Par sa conscience, l’homme est à cheval entre deux mondes. D’un côté il est lié au morcellement de l’espace et au déroulement du temps. Il participe de l’éphémère dans lequel il est inséré. Mais de l’autre, il a la capacité de le dépasser, de penser en catégories d’ailleurs, de passé, de futur. Il parvient même, c’est du moins ma conviction, en certains moments privilégiés de sa vie, à élargir sa conscience à la perception de l’univers dans sa globalité, comme s’il participait alors, même de façon modeste et timide, à la vision que Dieu a du monde.

Cette conscience de la transcendance, loin de dévaloriser celle de l’éphémère, lui confère au contraire une importance et une valeur d’éternité. Chaque instant vécu est le moment, chaque être croisé est le lieu d’un rendez-vous avec le Réel qui les transcende mais que chacun exprime à sa manière. Ils sont donc éminemment précieux. D’autre part, tout instant du temps étant co-actuel à l’instant éternel de Dieu, tout acte que Je pose, toute parole que je profère, toute pensée que j’émets qui ne laissent qu’une trace éphémère dans ma mémoire et à fortiori dans celle des autres hommes, imprime une marque éternelle dans la conscience que Dieu en a. A chaque instant je sécrète donc de l’information éternelle.
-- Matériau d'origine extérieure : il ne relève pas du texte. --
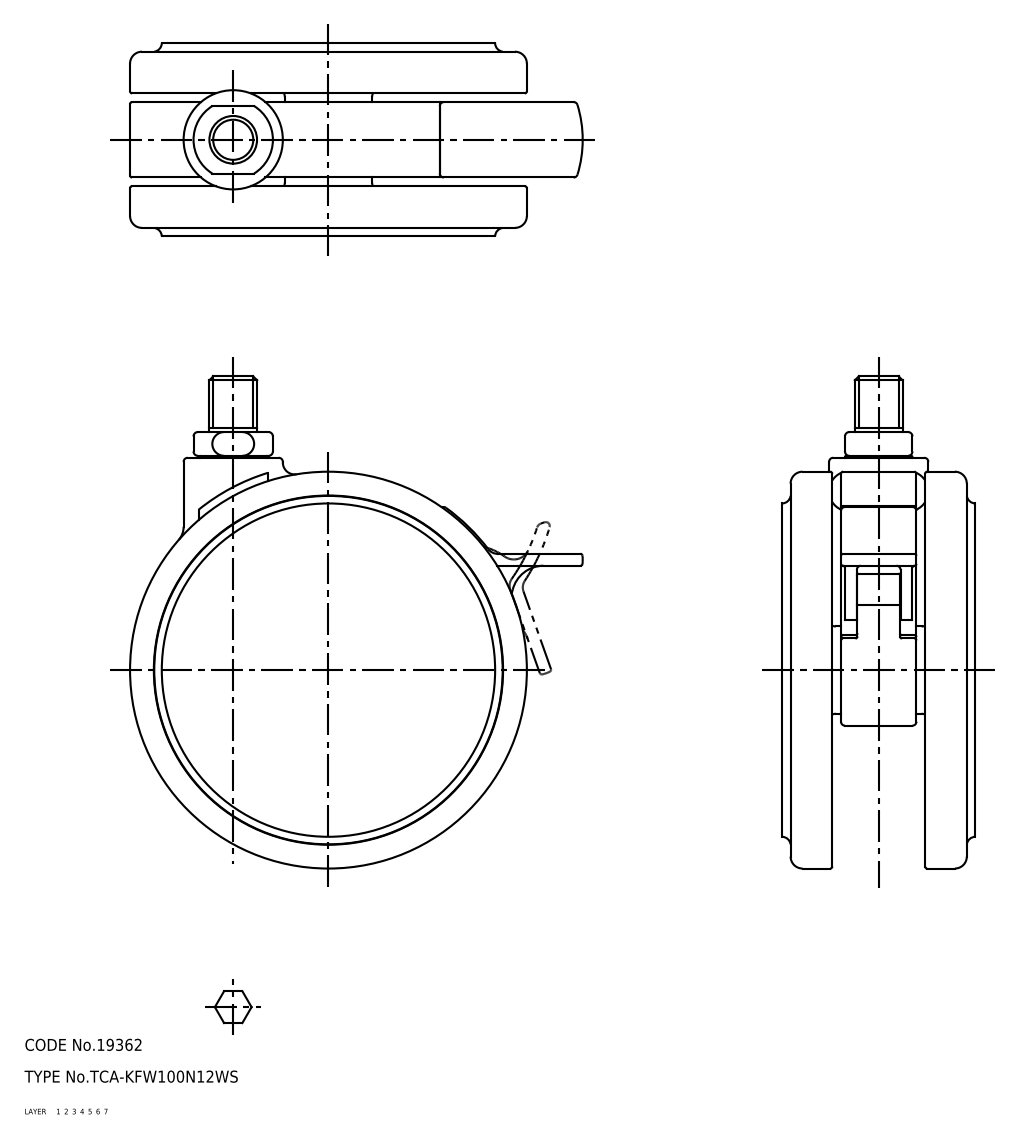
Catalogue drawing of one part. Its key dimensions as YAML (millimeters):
part_name: "TCA-KFW100N12WS; caster"
step_written_by: "SolidWorks 2015 (AUTOMOTIVE_DESIGN)"
units: millimeters
bodies: {solids: 1, faces: 1520, planar: 528, cylindrical: 654, other: 338}
overall_size: [124, 114.07, 48.6]
volume: 185560
surface_area: 95672
round_holes:
  - {diameter: 2.4, count: 1}
  - {diameter: 3, count: 1}
  - {diameter: 3.3, count: 1}
  - {diameter: 3.6, count: 1}
  - {diameter: 5.8, count: 1}
  - {diameter: 6.1, count: 1}
  - {diameter: 8.07, count: 1}
  - {diameter: 9, count: 1}
  - {diameter: 9.3, count: 1}
  - {diameter: 10.7, count: 1}
  - {diameter: 12.3, count: 1}
  - {diameter: 13, count: 1}
round_bosses_or_shafts:
  - {diameter: 100, count: 1}
  - {diameter: 87.8, count: 1}
  - {diameter: 25, count: 1}
  - {diameter: 22, count: 1}
  - {diameter: 20, count: 1}
  - {diameter: 17, count: 1}
  - {diameter: 12, count: 1}
  - {diameter: 10.5, count: 1}
partial_cylinders:
  - {radius: 0.5, count: 63}
  - {radius: 1, count: 61}
  - {radius: 1.5, count: 21}
  - {radius: 0.2, count: 18}
  - {radius: 0.3, count: 17}
  - {radius: 2, count: 16}
  - {radius: 3, count: 7}
  - {radius: 0.7, count: 2}
face_to_face_distances: [1.8, 45, 46.8, 3.6, 43.2, 12.6, 32.4, 9, 36, 10.8]
hole_center_spacings: [21.4, 29.97, 43.99]
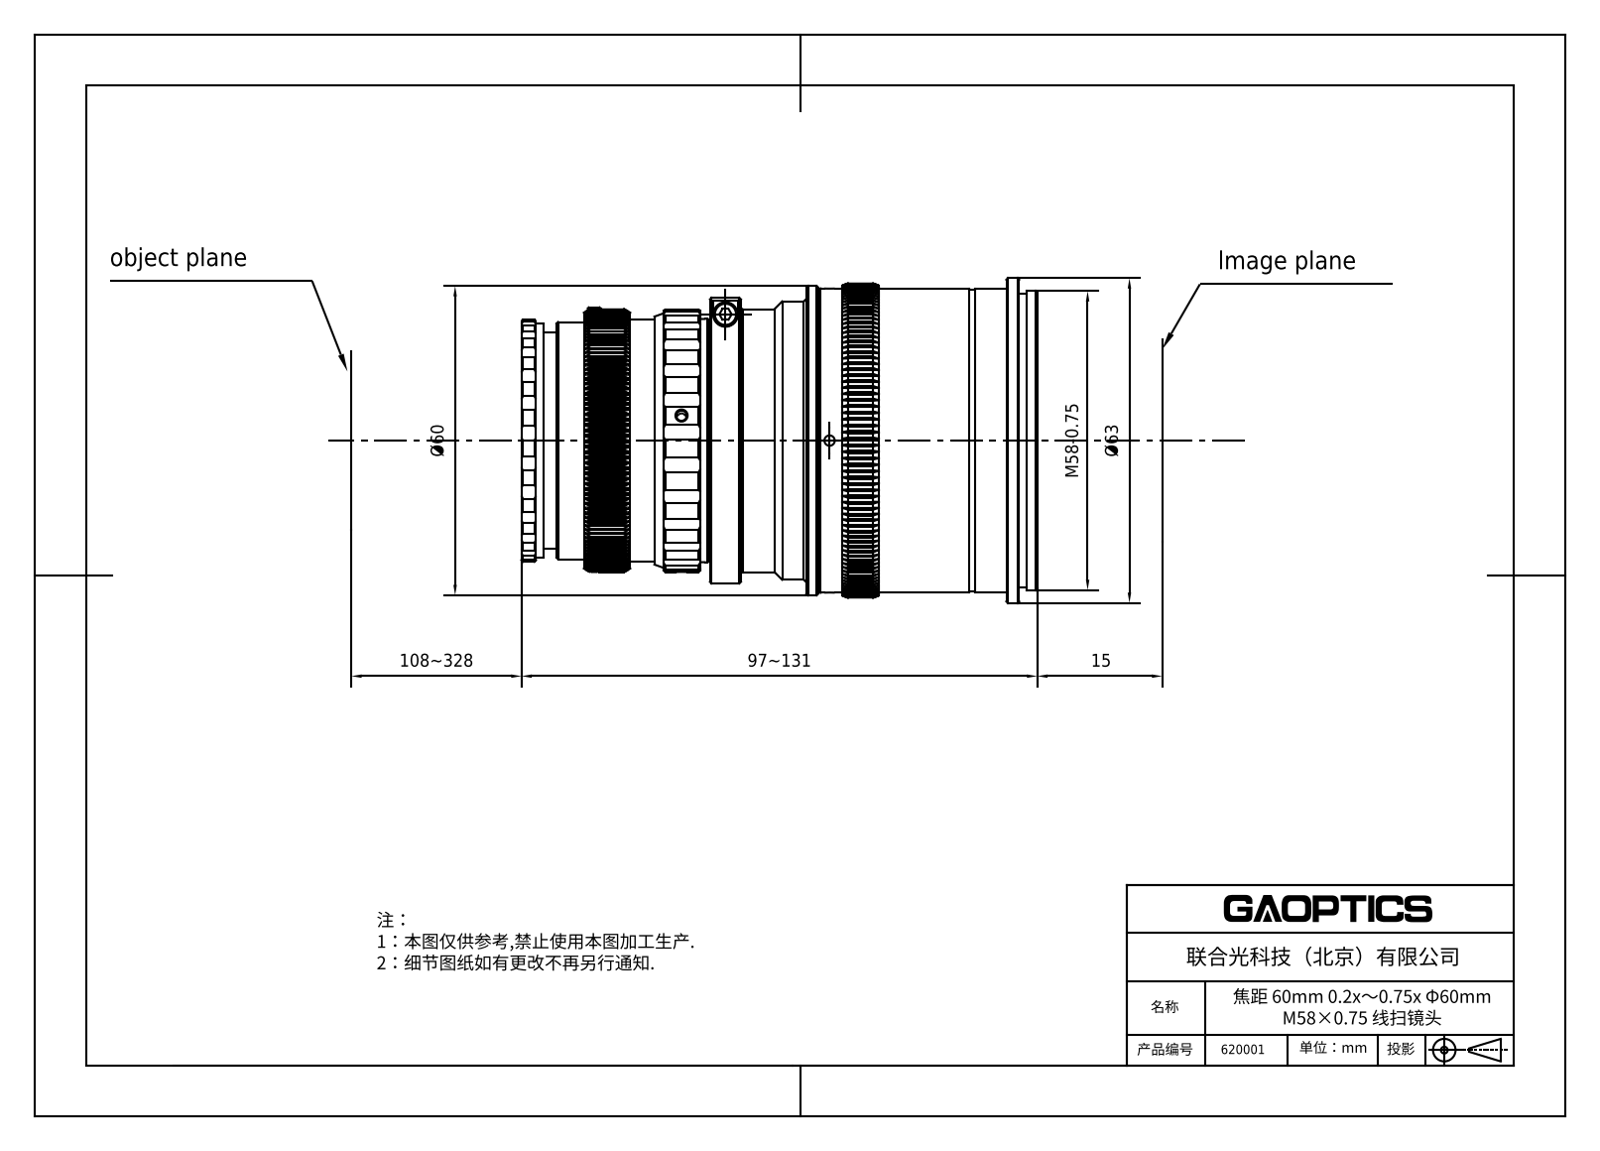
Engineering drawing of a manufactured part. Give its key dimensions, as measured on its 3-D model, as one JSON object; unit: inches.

Le point Oméga de l’humanité avec Dieu n’est donc pas situé en avant de nous, en un moment mythique du futur. Il est co-actuel à chaque instant que nous vivons et se déplace comme un curseur sur la ligne du temps. L’idée que l’humanité tend par le progrès vers son achèvement ultime, qu’elle y travaille par la recherche scientifique et technique, par l’élaboration d’une civilisation de la communication, loin de valoriser le travail de l’homme me semble au contraire en dévaloriser tous les moments. En privilégiant un hypothétique point du futur, elle inhibe la conscience que nous pouvons prendre du verso éternel du chaque instant de notre vie.

C’est en effet à chaque instant et en chaque homme, quelle que soit l’évolution de la civilisation à laquelle il appartient, que l’humanité débouche sur l’éternité de Dieu. C’est ce que j’entends lorsque Jésus déclare : Il n ’y a rien de caché qui ne devienne manifeste, ni rien de secret qui ne doive être connu et venir au grand jour (Lc 8, 17). De même que tous nos cheveux sont comptés, de même tous nos sentiments, toutes nos pensées, toutes nos paroles, tous nos actes, sont inscrits à l’encre indélébile dans le livre de vie qui n’est autre que la conscience éternelle que Dieu a du monde.

La substance vidée

Revenons maintenant aux modalités quotidiennes de notre vie sociale. Nous sommes sollicités de toutes parts et la pression s’est encore accentuée sur chacun d’entre nous depuis que par le biais des médias la planète entière est devenue notre entourage et que notre prochain a pris le visage de multitudes innombrables. Nous risquons vite d’y épuiser nos énergies et d’être vidés de notre substance (cela me rappelle un dessin humoristique de Sempé dont tous les personnages, dans les rues de la ville ou les étages des immeubles, se saluaient les uns les autres en se plaignant d’être crevés ! Être crevé semble en effet devenir la condition universelle de l’homme contemporain). Mais que vaut la parole d’un crevé ? Que vaut l’action d’un crevé ? Où trouveront leur puissance et leur signification la parole de celui qui parle et l’action de celui qui agit, sinon dans son intériorité ? Sinon dans sa relation roboratrice à la Source qui lui donne d’être, de vivre et de devenir ?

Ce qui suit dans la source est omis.